EXERCISE :: Could you restate every entry word for word, minus the pictures?

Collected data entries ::
════
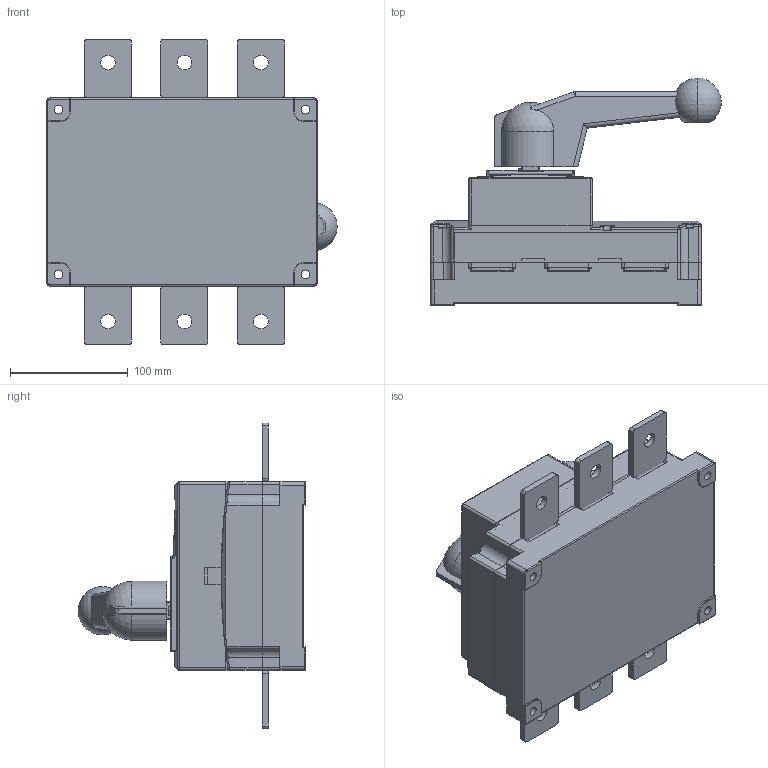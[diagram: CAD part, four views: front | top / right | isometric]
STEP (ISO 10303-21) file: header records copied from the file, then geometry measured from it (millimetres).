
FILE_DESCRIPTION((''),'2;1');
FILE_NAME('ASM0001_ASM','2024-03-18T',('zhuanghy'),(''),'CREO PARAMETRIC BY PTC INC, 2018070','CREO PARAMETRIC BY PTC INC, 2018070','');
FILE_SCHEMA(('AUTOMOTIVE_DESIGN { 1 0 10303 214 1 1 1 1 }'));
Length unit declared in the file: millimetre
Products named in the file (13): NH40-630BOCHA_97_1_1; ASM0004_ASM_3_ASM_ASM_1_1_ASM; NH40-315-3_ASM_ASM_1_1_ASM; NH40-315_630_202107__1_1; NH40-315-3_3P_201805_ASM_1_1_ASM; PRT0044; PRT0045; PRT0046; NH40-630JINGCHUTOU_65; ASM0004_ASM_4_ASM_ASM; NH40-630-3_ASM_ASM; NH40-630-3_3P_201805_ASM; ASM0001_ASM
Assembly tree (17 placements, depth 5):
  ASM0001_ASM
    NH40-315-3_3P_201805_ASM_1_1_ASM
      NH40-315-3_ASM_ASM_1_1_ASM
        ASM0004_ASM_3_ASM_ASM_1_1_ASM
          NH40-630BOCHA_97_1_1
      NH40-315_630_202107__1_1
    NH40-630-3_3P_201805_ASM
      NH40-630-3_ASM_ASM
        ASM0004_ASM_4_ASM_ASM
          PRT0044
          PRT0045
          PRT0046
          NH40-630JINGCHUTOU_65  x6
Bounding box: 246.93 x 193.5 x 260 mm (x, y, z)
Volume: 3821921 mm3; surface area: 424648.1 mm2
Topology: 11 solids, 11 shells, 935 faces, 2462 edges, 1555 vertices
Faces by surface type: plane 388, cylinder 373, bspline 83, torus 73, sphere 16, cone 2
Entity records: 32266 total; most frequent: CARTESIAN_POINT 12120, ORIENTED_EDGE 4212, DIRECTION 3995, EDGE_CURVE 2106, AXIS2_PLACEMENT_3D 1446, VERTEX_POINT 1325, VECTOR 1103, LINE 1103
════
EXERCISE RESPONSE ::
[diagram: CAD part, four views: front | top / right | isometric]
STEP (ISO 10303-21) file: header records copied from the file, then geometry measured from it (millimetres).
FILE_DESCRIPTION((''),'2;1');
FILE_NAME('ASM0001_ASM','2024-03-18T',('zhuanghy'),(''),'CREO PARAMETRIC BY PTC INC, 2018070','CREO PARAMETRIC BY PTC INC, 2018070','');
FILE_SCHEMA(('AUTOMOTIVE_DESIGN { 1 0 10303 214 1 1 1 1 }'));
Length unit declared in the file: millimetre
Products named in the file (13): NH40-630BOCHA_97_1_1; ASM0004_ASM_3_ASM_ASM_1_1_ASM; NH40-315-3_ASM_ASM_1_1_ASM; NH40-315_630_202107__1_1; NH40-315-3_3P_201805_ASM_1_1_ASM; PRT0044; PRT0045; PRT0046; NH40-630JINGCHUTOU_65; ASM0004_ASM_4_ASM_ASM; NH40-630-3_ASM_ASM; NH40-630-3_3P_201805_ASM; ASM0001_ASM
Assembly tree (17 placements, depth 5):
  ASM0001_ASM
    NH40-315-3_3P_201805_ASM_1_1_ASM
      NH40-315-3_ASM_ASM_1_1_ASM
        ASM0004_ASM_3_ASM_ASM_1_1_ASM
          NH40-630BOCHA_97_1_1
      NH40-315_630_202107__1_1
    NH40-630-3_3P_201805_ASM
      NH40-630-3_ASM_ASM
        ASM0004_ASM_4_ASM_ASM
          PRT0044
          PRT0045
          PRT0046
          NH40-630JINGCHUTOU_65  x6
Bounding box: 246.93 x 193.5 x 260 mm (x, y, z)
Volume: 3821921 mm3; surface area: 424648.1 mm2
Topology: 11 solids, 11 shells, 935 faces, 2462 edges, 1555 vertices
Faces by surface type: plane 388, cylinder 373, bspline 83, torus 73, sphere 16, cone 2
Entity records: 32266 total; most frequent: CARTESIAN_POINT 12120, ORIENTED_EDGE 4212, DIRECTION 3995, EDGE_CURVE 2106, AXIS2_PLACEMENT_3D 1446, VERTEX_POINT 1325, VECTOR 1103, LINE 1103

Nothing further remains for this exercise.